Ze kruipt terug door het gangetje. Tijdens terug kruipen gebeurt er ook iets energetisch, ze krijgt het gevoel ‘ik ben hier met de aarde en samen zijn we sterk.’ Ze voelt zich vervuld met de energie van de aarde. Ze realiseert zich ook dat het energielichaam van de aarde gelaagd is en het is alsof ook dat allemaal in haar gevoel meekomt. Wanneer ze uit het gangetje is, heeft ze gevoel dat de aarde haar vriend is, dat ze samenwerkt met de aarde.
Ze kijkt naar het vuur in het midden van de ruimte, in de put. Ze loopt er naar toe en komt bij de verlaging in de vloer van de kamer rondom de put. Ze staat op de rand bij die verlaging en voelt ze dat ze in de put wil afdalen. Maar ze vraagt zich af of ze wel de krachten uit de diepte wil voelen. Ze beseft dan dat dat de enige manier is om tijdens de realisatie van haar levensmissie overeind te blijven is om nu de krachten uit de diepte te voelen. Anders is te zwak en kan te gemakkelijk omver geduwd worden door tegenkrachten. Ze stapt in het verlaagde gedeelte dat om de put heen is. Haar voetzolen beginnen te gloeien en ze voelt de energie van de put in haar omhoog komen. Dat brengt haar bijna uit balans, zo sterk is het, brandend ook. Ze wil zich toch niet door deze energie laten afschrikken. Ze krijgt beelden dat je angstig kan zijn als je in onbekend gebied bent. Daardoor kan je je gronding kwijt raken en in een angst en paniek terecht komen. Er schiet haar weer te binnen dat de aarde haar vriend is. Ze voelt hoe belangrijk het is om deze energieën van de aarde te accepteren om daarna met zekerheid en zelfbewustheid haar weg te kunnen vervolgen, ook al gaat die weg door onbekend gebied. Het kost haar moeite om hierop te blijven focussen maar ze houdt vol al gloeien haar voeten. Geleidelijk voelt ze de energieën uit de aarde steeds meer door haar heen stromen terwijl ze innerlijk verbonden blijft met geestelijke energieën van boven. Het voelt steeds natuurlijker en geeft haar een bijzonder gevoel van zelfbewustzijn en zekerheid. Ze loopt verder naar de put toe.

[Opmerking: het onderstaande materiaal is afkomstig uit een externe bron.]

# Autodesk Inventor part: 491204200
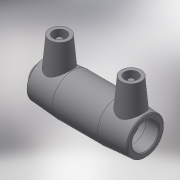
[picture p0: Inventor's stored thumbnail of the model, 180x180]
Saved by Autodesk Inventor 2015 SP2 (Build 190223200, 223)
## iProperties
Created: 2017-06
Part Number: 491204200
Material: Generic
Description: PLASSON END CAP 200
Document SubType Name: Modeling
Designer: KIM
Mass: 38.9236 g
Surface Area: 152.394 cm^2
Volume: 38.9236 cm^3
Density: 1 g/cm^3
Appearance: Default
Author: KIM
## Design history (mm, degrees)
derived "491204.ipt"
feature "Solid1::491204.ipt"
tag "TaggingFeature1"
body "Solid1"
other parameters: "d0" = 223, "d2" = 242, "d3" = 109, "d4" = 72.25, "d5" = 217.8, "d8" = 168 deg, "d10" = 43.6, "d11" = 14.53333, "d13" = 231.2, "d14" = 17.6296, "d15" = 109, "d16" = 109, "d19" = 3.52592, "d20" = 168 deg, "d22" = 227.48, "d23" = 242, "d24" = 220.6556, "d25" = 135 deg, "d26" = 104.04, "d27" = 135 deg, "d29" = 126, "d30" = 15, "d31" = 92.48, "d34" = 5 deg, "d35" = 15, "d39" = 5 deg, "d41" = 4, "d42" = 14, "d43" = 0, "d45" = 4, "d46" = 14, "d47" = 0, "d48" = 289, "d49" = 1, "d52" = 5.202, "d54" = 5.202, "d57" = 6, "d60" = 43.35, "d61" = 4, "d63" = 289, "d64" = 1, "d69" = 5.78, "d70" = 0, "d71" = 5.202, "d72" = 3, "d73" = 0, "d74" = 31.61, "d75" = 10.53667, "d76" = 3, "d77" = 0, "L_" = 289, "L_1" = 109, "D_" = 242, "A_" = 126, "d_2" = 12, "L_0" = 223

Deze put is soort schacht naar beneden en voor haar geestesoog ziet ze dat er vlammen uitkomen , een spiritueel vuur. Ze voelt zich aangetrokken tot dit vuur en is er ook een beetje bang voor. “Ben ik sterk genoeg om dit te kunnen hebben, dit vuur,” gaat er door haar heen. “Dit is zo sterk, hier kan ik de wereld mee veroveren. Maar kan ik het wel aan, ben ik sterk genoeg? Wie helpt me, als ik in de put ga, om er weer uit te komen?” Ze bedenkt dat ze hiervoor getraind heeft en ze beseft dat het hebben van deze kracht haar als genezeres autoriteit geeft in Egypte. “Als ik in deze energie tot mijn beschikking heb, kan ik werkelijk genezen en er werkelijk zijn” bedenkt ze. Ze gaat op de rand zitten en daalt af in de put door zich schrap te zetten in de buis met voeten tegen de ene wand en rug tegen andere wand. Hortend en stotend laat ze zich naar beneden zakken door deze buis.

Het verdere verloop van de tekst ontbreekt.